# Pseudo Random Number Generators

There is a sentence in the docs on random.org explaining randomness which reads, “Essentially, PRNGs (Pseudo Random Number Generators) are algorithms that use mathematical formulae or simply precalculated tables to produce sequences of numbers that appear random”.

** Appear** random?! What’s more, many common languages use PRNGs in their standard
random libraries, including Python, Java,
Ruby, Go and many more.

I reflected on what I already knew of random numbers. Most random libraries
have either the option, or requirement, to seed a random number generator so the
randomness is deterministically calculated. This should have been my first clue.
How could something be both random and deterministic?
Poking around a few more docs, I found a big red box warning in Python’s random
library which explicitly says **not** to use the random library for security.

So random numbers only appear random, and are not actually useful for security practices? What was happening here?

To understand PRNGs, we first need a small grasp on what it means for something to be truly random. True Random Number Generators (TRNGs) generate random numbers from physical processes or phenomena. Radioactive decay is an example of a physical occurrence which is truly random and so can be used for generating random numbers. Random.org listens to atmospheric noise with a radio. These are non-deterministic, non-repeating and so can be used for security or for gambling. Notably, these are also inefficient. Since they can’t be generated, they will be slower to compute than pseudo random numbers.

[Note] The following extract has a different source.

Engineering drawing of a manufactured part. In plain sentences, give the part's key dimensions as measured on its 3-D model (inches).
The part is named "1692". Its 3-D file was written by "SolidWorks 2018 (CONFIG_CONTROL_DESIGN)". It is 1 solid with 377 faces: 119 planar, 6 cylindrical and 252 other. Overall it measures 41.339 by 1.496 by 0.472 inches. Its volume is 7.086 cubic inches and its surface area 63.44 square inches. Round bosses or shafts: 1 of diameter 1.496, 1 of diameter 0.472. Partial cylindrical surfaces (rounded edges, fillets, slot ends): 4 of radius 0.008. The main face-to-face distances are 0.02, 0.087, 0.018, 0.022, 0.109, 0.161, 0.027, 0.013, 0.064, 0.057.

PRNGs are long sequences of numbers which are deterministic, periodic, and efficient. They depend on a seed value, and so can be reproduced. Since they’re sequences of numbers, they will repeat eventually. This is why it is recommended not to use PRNGs for security or cryptographic use cases. Lastly, because they’re generated, they are much faster to calculate than most TRNGs.

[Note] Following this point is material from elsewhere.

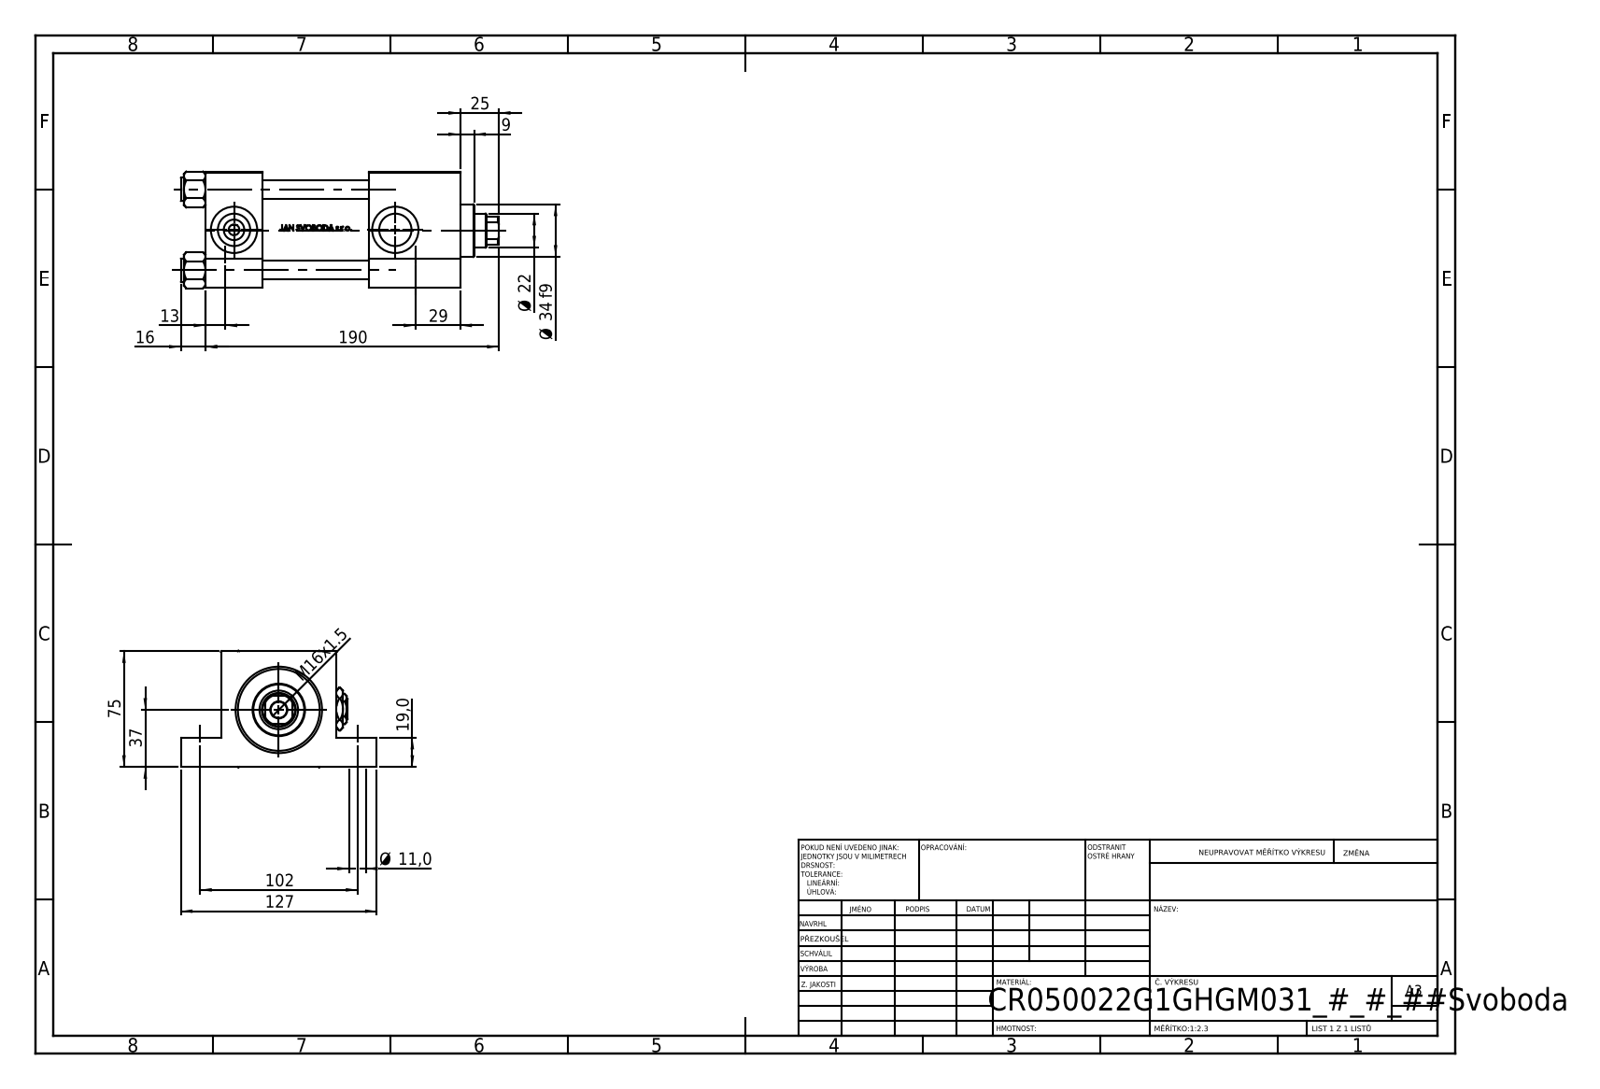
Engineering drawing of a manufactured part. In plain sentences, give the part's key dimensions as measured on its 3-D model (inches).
The part is named "V215CR_G_Body; V215CR_G_TYCINKA; NUT_M5_G; V215_VC_A (+2 more)". Its 3-D file was written by "SolidWorks 2019 (CONFIG_CONTROL_DESIGN)". It is 12 solids with 1134 faces: 454 planar, 128 cylindrical and 552 other. Overall it measures 8.11 by 5 by 2.974 inches. Its volume is 46.81 cubic inches and its surface area 259.4 square inches. Round holes: 4 of diameter 0.433, 4 of diameter 0.472, 2 of diameter 0.276, 2 of diameter 0.825, 2 of diameter 1.181, 1 of diameter 0.413, 1 of diameter 0.866, 1 of diameter 0.984, 1 of diameter 1.614, 1 of diameter 1.969, 1 of diameter 2.087. Round bosses or shafts: 4 of diameter 0.591, 1 of diameter 2.205, 1 of diameter 1.339. Partial cylindrical surfaces (rounded edges, fillets, slot ends): 1 of radius 0.413. The main face-to-face distances are 2.953, 1.457, 6.496, 5.039, 0.748, 2.205, 4.173, 2.717, 2.323, 1.024. The hole center spacings are 2.059, 1.442, 1.47, 2.912, 4.016, 4.843, 6.291, 4.114.

The periods for these random number generators are often so long that the
pseudo-randomness is more than enough for the use cases especially given the
benefits that both determinism and efficiency provide. The most commonly used
PRNG is Mersenne Twister. Its period is 2^{19937} - 1.
That number has 6002 digits. For more context, the age of the universe in nanoseconds
only has 26 decimal digits. Most of the time when we’re interested in random
numbers, we’re interested in avoiding collisions in numbers we generate. Rest
assured, as the Python library states, the appearance of randomness is more than
enough for these non-security related use cases.